Chris and I are minimalists. We only want to have the bare necessities around. Now that does not mean the items in our home are not nice. Everything is very specifically chosen, but as minimalists we only have what we need, cherish, and truly want around. We are the opposite of packrats and hoarders. I just finished reading: “After a While You Just Get Used to It: A Tale of Family Clutter” by Gwendolyn Knapp — which made me think of my own childhood.
Knapp is very descriptive about her mom’s home, but in a nice way. You get the point that her mom is a hoarder. It is funny how you do not really know the world you live in until sometimes you are far away from it. Growing up I do not remember our house having a lot of crap in it. We did not have nice things, but there was not crap every where. The couch we had was gross, had many holes (thanks to the dogs), and was not what you would think of if you were looking at a couch. My mom would cover it with sheets, mostly because she did not want anyone to see what it really looked like.
We were not hoarders, but I think looking back that my dad was a packrat. If you came into our house you would not see it. He kept it in his “office.” He had an office in the upstairs of our house. It was his area, and there were lots of papers. He kept everything. He also had an office/garage of sorts for his flailing business. There his packrat tendencies were with “tools.” My dad was a contractor. He had 100’s of every type of tool, and always found a reason he needed another. His garage was filled with money in the form of tools — money that should have been used to buy food to feed his family. Alas.
I remember when he passed on and we had to go through his possessions. We filled storage units that equaled the size of a two-car garage. This was not for furniture or clothes or belongings. It was for his tools and files. We took inventory of everything and had to go through it all. Sadly, most of it went into a dumpster (the files) and the tools given away or sold. There wasn’t anything that amounted to much. Sharing all of this brings me back to the point of: What do we keep and why do we keep it?
Chris and I have carefully selected the items in our home, we discuss together the merits of keeping or getting rid of things. We think through “why” we are keeping something. Does it have meaning? In a time where people want to feel like they belong, do you think that people use stuff to find meaning in their lives? That maybe surrounding themselves with things (whether trivial or meaningful) helps them feel less lonely and that they have more in their life? I often wonder that about my dad. What did all that stuff mean to him? I would rather hold the memories inside, and get the clutter out of my life.

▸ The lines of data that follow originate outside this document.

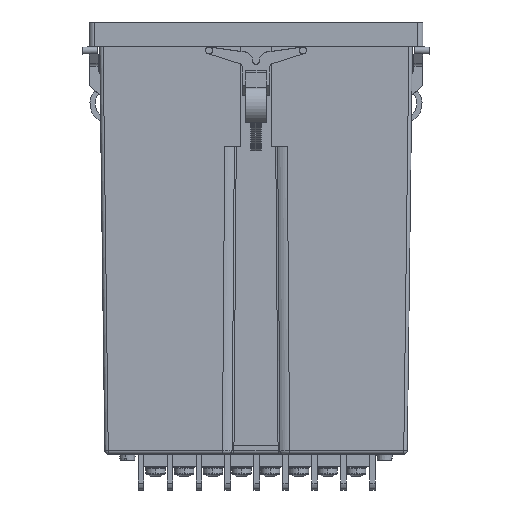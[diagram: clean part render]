
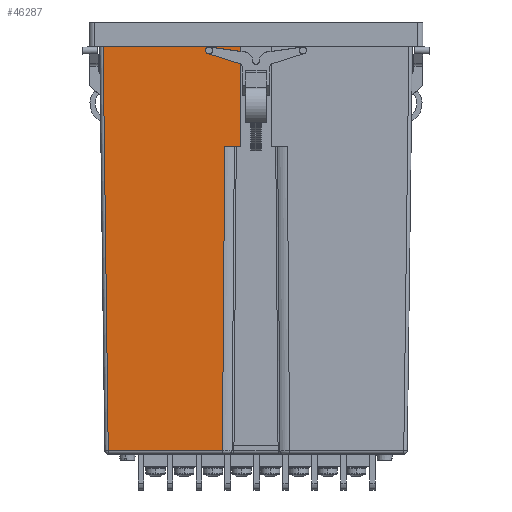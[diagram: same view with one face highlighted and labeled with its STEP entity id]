
A CAD part, front view. The second image highlights one B-rep face of the part: STEP entity #46287.
In plain terms, the highlighted planar face has unit normal (0, -1, -0.013).
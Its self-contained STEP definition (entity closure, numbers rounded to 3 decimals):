
#1524 = CARTESIAN_POINT ( 'NONE',  ( -42.513, -43.512, -121.413 ) ) ;
#2153 = VERTEX_POINT ( 'NONE', #90776 ) ;
#4674 = LINE ( 'NONE', #79636, #35988 ) ;
#4865 = DIRECTION ( 'NONE',  ( 0., -1., -0.013 ) ) ;
#7475 = CARTESIAN_POINT ( 'NONE',  ( -4.46, -44.62, -33.898 ) ) ;
#9850 = EDGE_CURVE ( 'NONE', #70740, #2153, #4674, .T. ) ;
#11692 = EDGE_CURVE ( 'NONE', #48142, #88712, #91639, .T. ) ;
#15685 = VECTOR ( 'NONE', #79127, 1000. ) ;
#18717 = EDGE_LOOP ( 'NONE', ( #74400, #61700, #34593, #36674, #25023, #36737 ) ) ;
#20477 = CARTESIAN_POINT ( 'NONE',  ( 0., -45.042, -0.57 ) ) ;
#20685 = VECTOR ( 'NONE', #76053, 1000. ) ;
#21637 = VERTEX_POINT ( 'NONE', #38291 ) ;
#21786 = CARTESIAN_POINT ( 'NONE',  ( -4.46, -44.62, -33.898 ) ) ;
#22735 = DIRECTION ( 'NONE',  ( 0.001, 0.013, -1. ) ) ;
#24985 = CARTESIAN_POINT ( 'NONE',  ( -44.035, -45.035, -1.127 ) ) ;
#25023 = ORIENTED_EDGE ( 'NONE', *, *, #76040, .F. ) ;
#26806 = LINE ( 'NONE', #64795, #65300 ) ;
#30836 = CARTESIAN_POINT ( 'NONE',  ( -9.673, -43.512, -121.413 ) ) ;
#34593 = ORIENTED_EDGE ( 'NONE', *, *, #9850, .T. ) ;
#35956 = LINE ( 'NONE', #21786, #42150 ) ;
#35988 = VECTOR ( 'NONE', #93257, 1000. ) ;
#36674 = ORIENTED_EDGE ( 'NONE', *, *, #58360, .F. ) ;
#36737 = ORIENTED_EDGE ( 'NONE', *, *, #95119, .T. ) ;
#38160 = EDGE_CURVE ( 'NONE', #88712, #70740, #82391, .T. ) ;
#38291 = CARTESIAN_POINT ( 'NONE',  ( -4.5, -45., -3.9 ) ) ;
#41055 = DIRECTION ( 'NONE',  ( 0.013, 0.013, -1. ) ) ;
#41731 = CARTESIAN_POINT ( 'NONE',  ( 0., -44.62, -33.898 ) ) ;
#42150 = VECTOR ( 'NONE', #22735, 1000. ) ;
#46287 = ADVANCED_FACE ( 'NONE', ( #64789 ), #94390, .T. ) ;
#48142 = VERTEX_POINT ( 'NONE', #57921 ) ;
#49529 = LINE ( 'NONE', #41731, #15685 ) ;
#50216 = DIRECTION ( 'NONE',  ( 0., 0.013, -1. ) ) ;
#57921 = CARTESIAN_POINT ( 'NONE',  ( -44., -45., -3.9 ) ) ;
#58360 = EDGE_CURVE ( 'NONE', #68341, #2153, #49529, .T. ) ;
#59584 = VECTOR ( 'NONE', #41055, 1000. ) ;
#61700 = ORIENTED_EDGE ( 'NONE', *, *, #38160, .T. ) ;
#64789 = FACE_OUTER_BOUND ( 'NONE', #18717, .T. ) ;
#64795 = CARTESIAN_POINT ( 'NONE',  ( 45., -45., -3.9 ) ) ;
#65300 = VECTOR ( 'NONE', #70654, 1000. ) ;
#68341 = VERTEX_POINT ( 'NONE', #7475 ) ;
#70654 = DIRECTION ( 'NONE',  ( -1., 0., 0. ) ) ;
#70740 = VERTEX_POINT ( 'NONE', #95461 ) ;
#74400 = ORIENTED_EDGE ( 'NONE', *, *, #11692, .T. ) ;
#76040 = EDGE_CURVE ( 'NONE', #21637, #68341, #35956, .T. ) ;
#76053 = DIRECTION ( 'NONE',  ( 1., 0., 0. ) ) ;
#77931 = AXIS2_PLACEMENT_3D ( 'NONE', #20477, #4865, #50216 ) ;
#79127 = DIRECTION ( 'NONE',  ( -1., 0., 0. ) ) ;
#79636 = CARTESIAN_POINT ( 'NONE',  ( -9., -44.621, -33.875 ) ) ;
#82391 = LINE ( 'NONE', #30836, #20685 ) ;
#88712 = VERTEX_POINT ( 'NONE', #1524 ) ;
#90776 = CARTESIAN_POINT ( 'NONE',  ( -9., -44.62, -33.898 ) ) ;
#91639 = LINE ( 'NONE', #24985, #59584 ) ;
#93257 = DIRECTION ( 'NONE',  ( 0.008, -0.013, 1. ) ) ;
#94390 = PLANE ( 'NONE',  #77931 ) ;
#95119 = EDGE_CURVE ( 'NONE', #21637, #48142, #26806, .T. ) ;
#95461 = CARTESIAN_POINT ( 'NONE',  ( -9.665, -43.512, -121.413 ) ) ;

There is a lot of my childhood I do not remember. Since my parents are no longer around it is hard to know what I was truly like as a baby, toddler, or even as I got older. Was I quiet, or sassy? Did I talk a lot? What was I like with my parents? Did I like to cuddle? I think about all of these things as I begin to think about the little boy who is going to join our family in around 10 weeks.
I have no idea if I got excited to see my parents when they came home from being away. I do remember we had three large picture windows in our front room (filled with plants) but still giving me access to look out the window at the trash truck, or my dad’s pickup truck arriving home. This video I found recently brought a huge smile to my face. While my house is not designed for a visible window/door to the driveway/garage, I hope regardless my son gets just as excited to see me.
Last Saturday was a gorgeous day in Portland. It was sunny and nearly sixty degrees. While the other side of the country in New England was about to get another downpour of snow, there were folks in Portland wearing flip flops. I was not one of them, but inside I cannot wait for the day for my toes to spread wide and enjoy some warm sunshine. After a day of hopping around to a few of my favorite places in Portland, we came home so I could go for a run.
A little background — my treadmill died recently. Either I ran on it so much that I broke the main support bar, or Nordic Track just makes shitty treadmills. In any case, the only two options to fix it were to have a welder come out to our house, or for Nordic Track to replace the treadmill. Note to each of you that might be as crazy as I am, if you use a treadmill often, purchase the warranty. In October, we decided to extend the warranty. The treadmill fix it guy frequents our house a few times a year, and with the $150 a year warranty we do not pay for a single part or his time. If we had not paid the $150, we would have had to shell out the cash for a brand new treadmill.
So Saturday. Chris drops me off at home so I could go for a run, and he heads off to do a few more errands. I am in the middle of a really good book, and after hitting 8 miles, I feel great, Chris is not home yet, and I am loving the feel of my new treadmill. So I keep running. By mile 10, I am reminded that Sunday morning is a half marathon that I wanted to do in a neighboring town. I realize I never registered, and even if I had, I should be taking a chill day before a race. So since I have already run 10 miles I decide I might as well just keep going. Chris still is not home yet, and I still feel great, and I would love to finish my book.
Chris drives into the garage as I hit 11.5 miles, and cannot believe what I am doing. His happy, crazy wife. I finish my book at 12.5 miles and push through to 13.1 miles to complete a half marathon on my treadmill. Definitely easier than around the city, but still a good, solid workout. 1 hour 41 minutes is not too shabby.